* **GOAL OF THE EXERCISE**: The full text of the records below, minus any pictures, should be given back word for word.

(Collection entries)
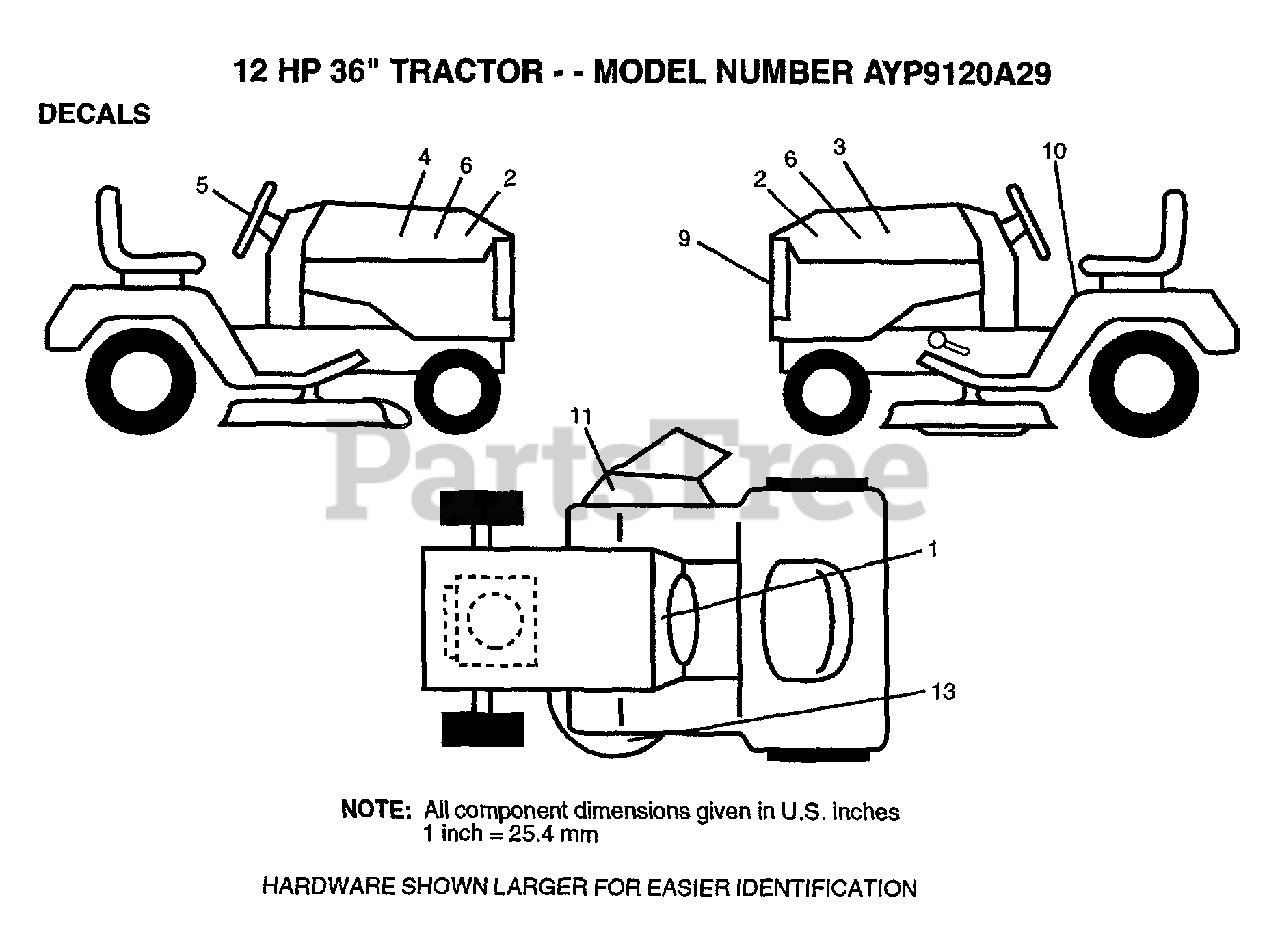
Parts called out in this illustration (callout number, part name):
3	DECAL, STRIPE, HOOD, L.H.
4	DECAL, STRIPE, HOOD, R.H.
6	DECAL, SIDE PANEL
10	DECAL
11	DECAL WARING
13	DECAL INSTRUCTION CAUTION
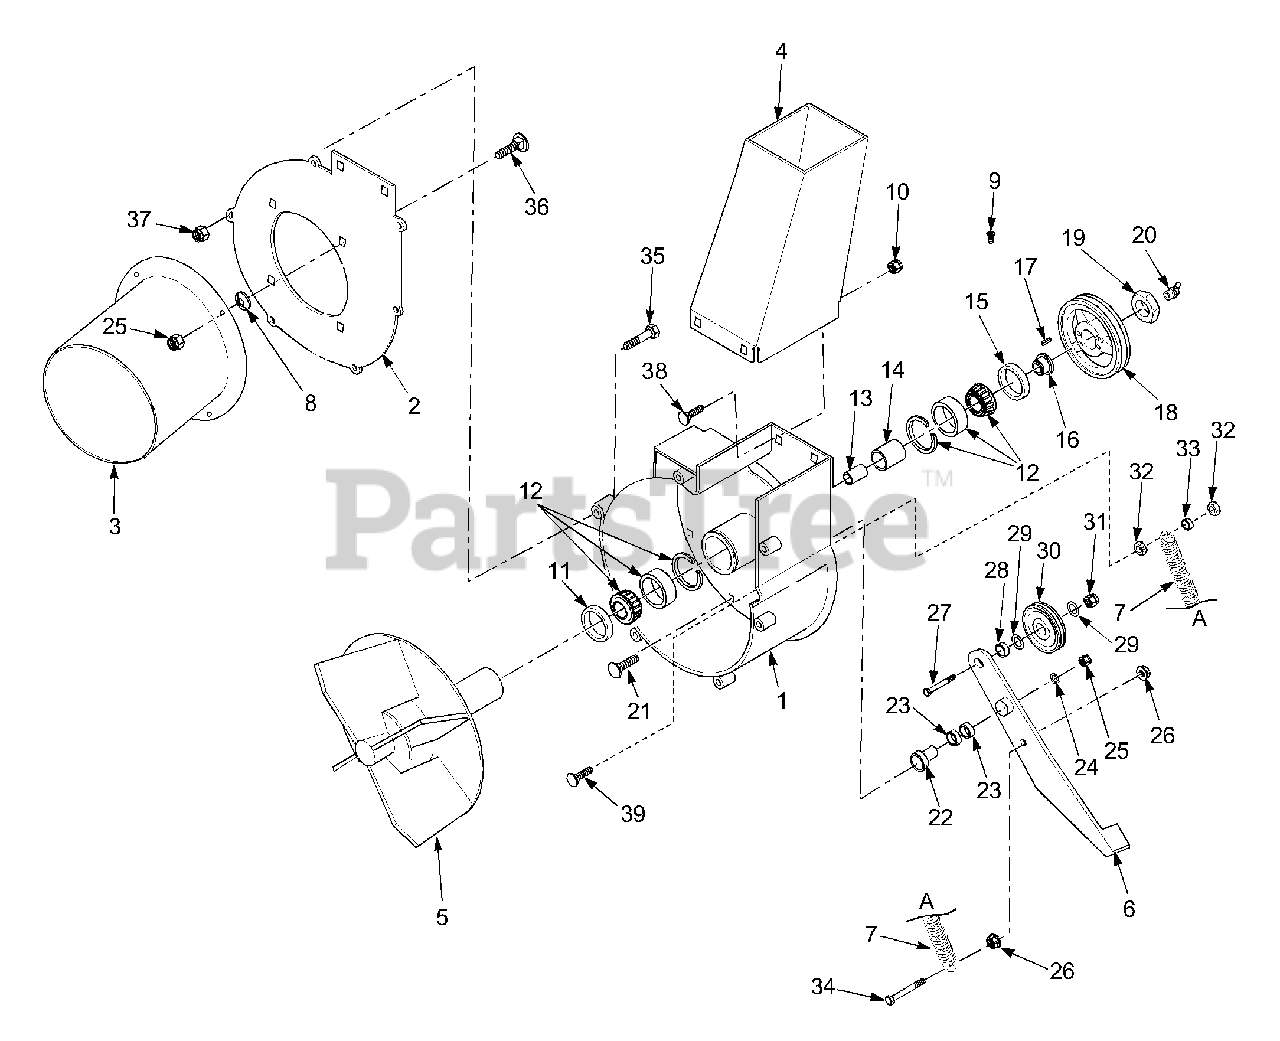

* **SOLUTION BELOW**:
Parts called out in this illustration (callout number, part name):
3	DECAL, STRIPE, HOOD, L.H.
4	DECAL, STRIPE, HOOD, R.H.
6	DECAL, SIDE PANEL
10	DECAL
11	DECAL WARING
13	DECAL INSTRUCTION CAUTION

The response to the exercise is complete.